L'acte fut perpétré par quatre jeunes ouvriers, Wilhelm Bräuninger, Alfred Däuble, Hermann Medinger et Eduard Weinzierl, probablement inspirés par Kurt Hager (qui devint plus tard membre du Politburo du SED en RDA). D'après Harald Stingele, l'idée est venue du facteur Theodor Decker qui leur a fourni des informations sur l'emplacement des lignes électriques aériennes car il travaillait au bureau de construction du réseau télégraphique[3],[4]. Les quatre hommes avaient déjà tenté d'accéder au câble à un autre endroit mais avaient été arrêtés par des gardes SA. Dans le rue Werderstrasse, Bräuninger et Weinzierl distrayèrent les passants en engageant la conversation, tandis que Däuble, hissé sur les épaules de Medinger, sectionnait le câble à environ quatre mètres de hauteur. Ils s'enfuirent sans être repérés.
Conséquences
Les responsables de la Süddeutscher Rundfunk (alors Radiodiffusion du Sud de l'Allemagne) conclurent immédiatement que seule une détérioration du câble de transmission pouvait être à l'origine de l'interruption et se rendirent auprès d'Hitler pour clamer leur innocence. Trois employés de la Deutsche Post, en charge des câbles de diffusion, furent tenus responsables ; suspendus à titre conservatoire, ils purent reprendre leurs fonctions en février. Le député régional Johannes Fischer (DDP) avait plaidé en leur faveur lors d'une enquête parlementaire.
Les quatre ouvriers restèrent à Stuttgart, se retrouvèrent dans les pubs et se vantèrent de leur acte ; à la suite d'une altercation dans un pub et à une dénonciation ils furent arrêtés en 1935/36 et condamnés à des peines de prison allant de 21 mois à deux ans[5]. Le procureur requit une peine de haute trahison mais le tribunal estima que le Parti communiste d'Allemagne n'était pas encore interdit au moment des faits et considéra également comme circonstance atténuante le fait que les accusés étaient indignés par l'interdiction faite à leur parti de faire campagne à la radio. Däuble, l'un des condamnés, fut emprisonné à plusieurs reprises, notamment avec Kurt Schumacher au camp de militaire en Heuberg. En 1942, il échappe à la Gestapo alors qu'il servait comme soldat à Thessalonique, grâce à l'intervention de son capitaine.

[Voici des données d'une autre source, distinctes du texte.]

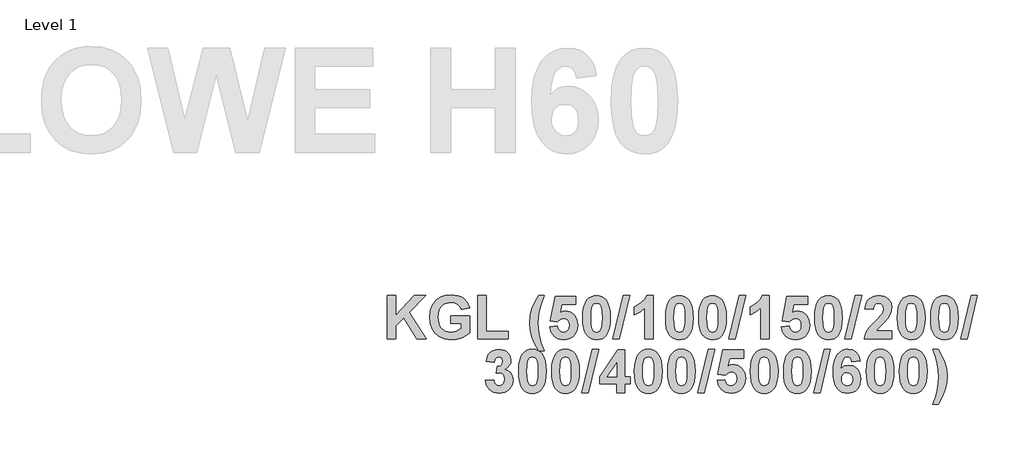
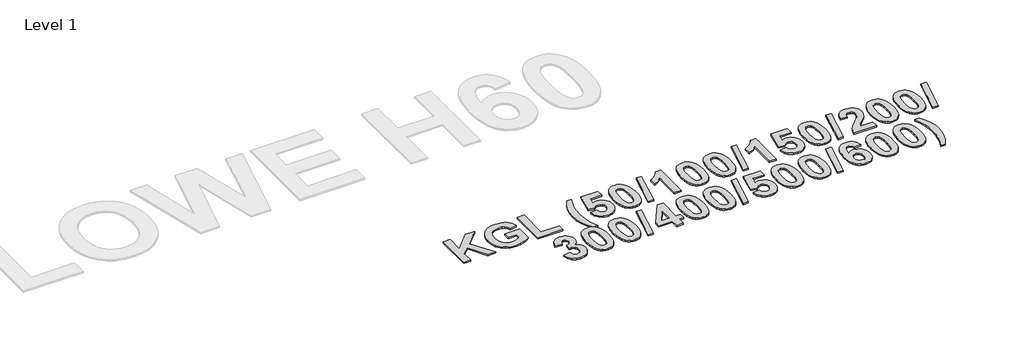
# One storey, part 27 of 42: 1 proxy.
"""IFC4 building model written with IfcOpenShell, lengths in millimetres."""

from ifc_helpers import new_model, si_unit, origin, origin_with_axes, place, context, project, spatial, polyline, outline, extrude, element, save

model = new_model("IFC4")

# Units and contexts
model_context = context("Model", 3, world=origin())
ifc_project = project(units=[si_unit("LENGTHUNIT", "METRE", prefix="MILLI")], contexts=[model_context])

# Site, building, storey
site = spatial("IfcSite", under=ifc_project)
building = spatial("IfcBuilding", under=site)
storey = spatial("IfcBuildingStorey", under=building, Name="Level 1", Elevation=0.0)

# Proxy
placement = place(None, origin())
element("IfcBuildingElementProxy", 1, Name="300mm Arial 2", ObjectType="300mm Arial 2", at=placement, inside=storey, context=model_context, shape_type="SweptSolid", body=[
    extrude(outline(polyline([(-7254.0265891, 21266.2760859), (-7254.0265891, 21521.3409359), (-7205.4428082, 21521.3409359), (-7205.4428082, 21405.0688143), (-7096.0027808, 21521.3409359), (-7029.3266022, 21521.3409359), (-7125.8615628, 21423.9203335), (-7025.2779538, 21266.2760859), (-7082.0855519, 21266.2760859), (-7157.4283684, 21391.9739671), (-7205.4428082, 21343.4534463), (-7205.4428082, 21266.2760859), (-7254.0265891, 21266.2760859)])), origin_with_axes(), (0.0, 0.0, 1.0), 10.0),
    extrude(outline(polyline([(-6881.5509352, 21359.3949994), (-6881.5509352, 21403.930132), (-6772.237428, 21403.930132), (-6772.237428, 21302.2078406), (-6791.7531786, 21287.2863571), (-6818.417324, 21274.2784926), (-6848.8454472, 21265.2402013), (-6879.6531312, 21262.2274375), (-6916.4863428, 21266.4184212), (-6948.2903739, 21278.9913724), (-6973.9423572, 21299.3532272), (-6992.3194253, 21326.9109219), (-7003.3741333, 21359.434537), (-7007.059036, 21394.6941528), (-7002.8917748, 21432.2153182), (-6990.3899913, 21465.3240895), (-6969.8541712, 21492.6287438), (-6941.5847999, 21512.737558), (-6914.0982728, 21522.2265778), (-6880.6020332, 21525.3895843), (-6838.399618, 21520.2813287), (-6821.1829779, 21513.8960092), (-6806.5560493, 21504.9565619), (-6784.6443213, 21480.6172263), (-6772.237428, 21448.4652645), (-6820.821209, 21440.3679677), (-6828.997581, 21457.1714401), (-6842.1398733, 21470.0053393), (-6859.7103748, 21478.1421737), (-6881.1713744, 21480.8544518), (-6912.9754055, 21475.5564158), (-6926.1611891, 21468.9338708), (-6937.5361515, 21459.6623078), (-6946.6970093, 21447.7812643), (-6953.2404791, 21433.330278), (-6958.475255, 21396.718477), (-6953.2721092, 21357.3627677), (-6946.7681769, 21341.9015962), (-6937.6626718, 21329.2515468), (-6926.4458597, 21319.4126195), (-6913.6080068, 21312.3848142), (-6883.0691783, 21306.7625701), (-6849.6361989, 21312.9304329), (-6820.821209, 21327.891454), (-6820.821209, 21359.3949994), (-6881.5509352, 21359.3949994)])), origin_with_axes(), (0.0, 0.0, 1.0), 10.0),
    extrude(outline(polyline([(-6723.6536471, 21266.2760859), (-6723.6536471, 21521.3409359), (-6675.0698661, 21521.3409359), (-6675.0698661, 21310.8112185), (-6545.5131169, 21310.8112185), (-6545.5131169, 21266.2760859), (-6723.6536471, 21266.2760859)])), origin_with_axes(), (0.0, 0.0, 1.0), 10.0),
    extrude(outline(polyline([(-6334.9833995, 21197.4490629), (-6367.3725868, 21197.4490629), (-6390.0434364, 21237.1210729), (-6406.5622382, 21278.327141), (-6416.6443217, 21319.6280993), (-6420.0050161, 21359.5847798), (-6415.8931076, 21406.9824333), (-6403.557382, 21451.7547913), (-6387.3627883, 21488.0344767), (-6367.3725868, 21521.3409359), (-6334.9833995, 21521.3409359), (-6352.5459935, 21474.1014328), (-6363.608609, 21434.4847754), (-6369.4680786, 21397.6041188), (-6371.4212352, 21358.5726177), (-6366.7399855, 21301.92317), (-6353.8981788, 21246.8552256), (-6334.9833995, 21197.4490629)])), origin_with_axes(), (0.0, 0.0, 1.0), 10.0),
    extrude(outline(polyline([(-6302.5942122, 21338.0763351), (-6258.0590796, 21343.2004058), (-6253.915541, 21328.1286795), (-6245.6600939, 21316.5678904), (-6234.5579408, 21309.2139001), (-6221.8742845, 21306.7625701), (-6207.6802925, 21309.364143), (-6195.8427404, 21317.1688617), (-6187.8482413, 21330.2083563), (-6185.1834082, 21348.5142568), (-6187.6584609, 21365.6735675), (-6195.0836188, 21377.9302179), (-6206.47835, 21385.2842082), (-6220.8621224, 21387.7355383), (-6239.6820115, 21382.6747278), (-6256.4143162, 21367.4922962), (-6298.5455638, 21373.7550493), (-6270.2050249, 21517.2922875), (-6148.7455725, 21517.2922875), (-6148.7455725, 21468.7085066), (-6230.9204833, 21468.7085066), (-6240.7258036, 21422.3388302), (-6225.2428865, 21429.7877107), (-6209.4120386, 21432.2706708), (-6181.2929101, 21426.5219064), (-6157.7917713, 21409.2756131), (-6141.8976633, 21382.8566007), (-6136.5996273, 21349.589679), (-6141.0120214, 21320.6639839), (-6154.2492039, 21294.9961856), (-6167.4666177, 21280.6598583), (-6183.0167487, 21270.4196245), (-6200.8995971, 21264.2754843), (-6221.1151629, 21262.2274375), (-6252.1205348, 21267.3673232), (-6276.8157086, 21282.7869802), (-6294.0303719, 21306.8890903), (-6302.5942122, 21338.0763351)])), origin_with_axes(), (0.0, 0.0, 1.0), 10.0),
    extrude(outline(polyline([(-6027.2861201, 21521.3409359), (-6010.1544858, 21519.6961725), (-5995.0076381, 21514.7618822), (-5981.845577, 21506.5380652), (-5970.6683025, 21495.0247212), (-5960.0129241, 21476.8967398), (-5952.4019395, 21453.6367802), (-5947.8353488, 21425.2448425), (-5946.3131519, 21391.7209266), (-5947.8432563, 21358.2286407), (-5952.4335696, 21329.8050729), (-5960.0840917, 21306.4502232), (-5970.7948228, 21288.1640914), (-5981.9167446, 21276.8168053), (-5995.0392681, 21268.711601), (-6010.1623933, 21263.8484784), (-6027.2861201, 21262.2274375), (-6044.5936967, 21264.0066287), (-6060.1418509, 21269.3442023), (-6073.9305827, 21278.2401583), (-6085.9598921, 21290.6944967), (-6095.7157904, 21307.7154258), (-6102.6842893, 21330.311154), (-6106.8653886, 21358.4816813), (-6108.2590884, 21392.2270076), (-6106.728984, 21425.5532356), (-6102.1386707, 21453.8581907), (-6094.4881485, 21477.1418728), (-6083.7774175, 21495.404282), (-6072.6554957, 21506.7515681), (-6059.5329721, 21514.8567724), (-6044.409847, 21519.7198951), (-6027.2861201, 21521.3409359)]), holes=[polyline([(-6027.2861201, 21476.8058034), (-6043.4807138, 21471.4603223), (-6049.8067269, 21463.9877192), (-6054.4879767, 21452.2608724), (-6058.3784747, 21428.1113172), (-6059.6753074, 21391.7209266), (-6058.52081, 21355.8128945), (-6055.0573178, 21333.2369351), (-6049.8304495, 21319.9839375), (-6043.3858236, 21312.044791), (-6027.2861201, 21306.7625701), (-6011.0915265, 21312.1080512), (-6004.7655133, 21319.5806542), (-6000.0842636, 21331.3075011), (-5996.1937655, 21355.330536), (-5994.8969328, 21391.7209266), (-5996.0514302, 21427.5894211), (-5999.5149224, 21450.173288), (-6004.7417908, 21463.4658232), (-6011.1864167, 21471.4603223), (-6027.2861201, 21476.8058034)])]), origin_with_axes(), (0.0, 0.0, 1.0), 10.0),
    extrude(outline(polyline([(-5931.0042001, 21266.2760859), (-5870.2744739, 21521.3409359), (-5832.9509963, 21521.3409359), (-5893.6807225, 21266.2760859), (-5931.0042001, 21266.2760859)])), origin_with_axes(), (0.0, 0.0, 1.0), 10.0),
    extrude(outline(polyline([(-5695.2969503, 21266.2760859), (-5743.8807313, 21266.2760859), (-5743.8807313, 21448.5917848), (-5771.9365996, 21424.7110851), (-5804.6104574, 21407.9787804), (-5804.6104574, 21456.5625613), (-5785.142152, 21465.6482977), (-5764.0607132, 21480.3800008), (-5745.6045698, 21499.3975778), (-5734.0121508, 21521.3409359), (-5695.2969503, 21521.3409359), (-5695.2969503, 21266.2760859)])), origin_with_axes(), (0.0, 0.0, 1.0), 10.0),
    extrude(outline(polyline([(-5541.4483106, 21521.3409359), (-5524.3166763, 21519.6961725), (-5509.1698286, 21514.7618822), (-5496.0077675, 21506.5380652), (-5484.830493, 21495.0247212), (-5474.1751146, 21476.8967398), (-5466.56413, 21453.6367802), (-5461.9975393, 21425.2448425), (-5460.4753424, 21391.7209266), (-5462.0054468, 21358.2286407), (-5466.5957601, 21329.8050729), (-5474.2462822, 21306.4502232), (-5484.9570133, 21288.1640914), (-5496.0789351, 21276.8168053), (-5509.2014586, 21268.711601), (-5524.3245838, 21263.8484784), (-5541.4483106, 21262.2274375), (-5558.7558872, 21264.0066287), (-5574.3040414, 21269.3442023), (-5588.0927732, 21278.2401583), (-5600.1220825, 21290.6944967), (-5609.8779809, 21307.7154258), (-5616.8464798, 21330.311154), (-5621.0275791, 21358.4816813), (-5622.4212789, 21392.2270076), (-5620.8911745, 21425.5532356), (-5616.3008612, 21453.8581907), (-5608.650339, 21477.1418728), (-5597.939608, 21495.404282), (-5586.8176862, 21506.7515681), (-5573.6951626, 21514.8567724), (-5558.5720375, 21519.7198951), (-5541.4483106, 21521.3409359)]), holes=[polyline([(-5541.4483106, 21476.8058034), (-5557.6429043, 21471.4603223), (-5563.9689174, 21463.9877192), (-5568.6501672, 21452.2608724), (-5572.5406652, 21428.1113172), (-5573.8374979, 21391.7209266), (-5572.6830005, 21355.8128945), (-5569.2195083, 21333.2369351), (-5563.99264, 21319.9839375), (-5557.5480141, 21312.044791), (-5541.4483106, 21306.7625701), (-5525.253717, 21312.1080512), (-5518.9277038, 21319.5806542), (-5514.2464541, 21331.3075011), (-5510.355956, 21355.330536), (-5509.0591233, 21391.7209266), (-5510.2136207, 21427.5894211), (-5513.6771129, 21450.173288), (-5518.9039813, 21463.4658232), (-5525.3486072, 21471.4603223), (-5541.4483106, 21476.8058034)])]), origin_with_axes(), (0.0, 0.0, 1.0), 10.0),
    extrude(outline(polyline([(-5347.1131868, 21521.3409359), (-5329.9815525, 21519.6961725), (-5314.8347048, 21514.7618822), (-5301.6726437, 21506.5380652), (-5290.4953692, 21495.0247212), (-5279.8399908, 21476.8967398), (-5272.2290062, 21453.6367802), (-5267.6624155, 21425.2448425), (-5266.1402186, 21391.7209266), (-5267.670323, 21358.2286407), (-5272.2606363, 21329.8050729), (-5279.9111584, 21306.4502232), (-5290.6218894, 21288.1640914), (-5301.7438113, 21276.8168053), (-5314.8663348, 21268.711601), (-5329.98946, 21263.8484784), (-5347.1131868, 21262.2274375), (-5364.4207634, 21264.0066287), (-5379.9689176, 21269.3442023), (-5393.7576494, 21278.2401583), (-5405.7869587, 21290.6944967), (-5415.5428571, 21307.7154258), (-5422.511356, 21330.311154), (-5426.6924553, 21358.4816813), (-5428.0861551, 21392.2270076), (-5426.5560507, 21425.5532356), (-5421.9657374, 21453.8581907), (-5414.3152152, 21477.1418728), (-5403.6044842, 21495.404282), (-5392.4825624, 21506.7515681), (-5379.3600388, 21514.8567724), (-5364.2369137, 21519.7198951), (-5347.1131868, 21521.3409359)]), holes=[polyline([(-5347.1131868, 21476.8058034), (-5363.3077805, 21471.4603223), (-5369.6337936, 21463.9877192), (-5374.3150434, 21452.2608724), (-5378.2055414, 21428.1113172), (-5379.5023741, 21391.7209266), (-5378.3478767, 21355.8128945), (-5374.8843845, 21333.2369351), (-5369.6575162, 21319.9839375), (-5363.2128903, 21312.044791), (-5347.1131868, 21306.7625701), (-5330.9185932, 21312.1080512), (-5324.59258, 21319.5806542), (-5319.9113303, 21331.3075011), (-5316.0208322, 21355.330536), (-5314.7239995, 21391.7209266), (-5315.8784969, 21427.5894211), (-5319.3419891, 21450.173288), (-5324.5688575, 21463.4658232), (-5331.0134834, 21471.4603223), (-5347.1131868, 21476.8058034)])]), origin_with_axes(), (0.0, 0.0, 1.0), 10.0),
    extrude(outline(polyline([(-5250.8312668, 21266.2760859), (-5190.1015406, 21521.3409359), (-5152.778063, 21521.3409359), (-5213.5077892, 21266.2760859), (-5250.8312668, 21266.2760859)])), origin_with_axes(), (0.0, 0.0, 1.0), 10.0),
    extrude(outline(polyline([(-5015.124017, 21266.2760859), (-5063.707798, 21266.2760859), (-5063.707798, 21448.5917848), (-5091.7636662, 21424.7110851), (-5124.4375241, 21407.9787804), (-5124.4375241, 21456.5625613), (-5104.9692187, 21465.6482977), (-5083.8877799, 21480.3800008), (-5065.4316365, 21499.3975778), (-5053.8392174, 21521.3409359), (-5015.124017, 21521.3409359), (-5015.124017, 21266.2760859)])), origin_with_axes(), (0.0, 0.0, 1.0), 10.0),
    extrude(outline(polyline([(-4942.2483456, 21338.0763351), (-4897.713213, 21343.2004058), (-4893.5696744, 21328.1286795), (-4885.3142273, 21316.5678904), (-4874.2120742, 21309.2139001), (-4861.5284179, 21306.7625701), (-4847.3344259, 21309.364143), (-4835.4968738, 21317.1688617), (-4827.5023747, 21330.2083563), (-4824.8375416, 21348.5142568), (-4827.3125943, 21365.6735675), (-4834.7377522, 21377.9302179), (-4846.1324834, 21385.2842082), (-4860.5162557, 21387.7355383), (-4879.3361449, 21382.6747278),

Matthäus Eisenhofer, fondateur de la South German Broadcasting Corporation (SDR), a affirmé dans ses mémoires Mein Leben im Rundfunk (Ma vie dans la radiodiffusion) qu'Hitler n'a plus jamais prononcé de discours à Stuttgart après cela. Toutefois Hitler a tenu un autre discours, à l'hôtel de ville de Stuttgart, dans le cadre d'une courte visite d'une journée le [6].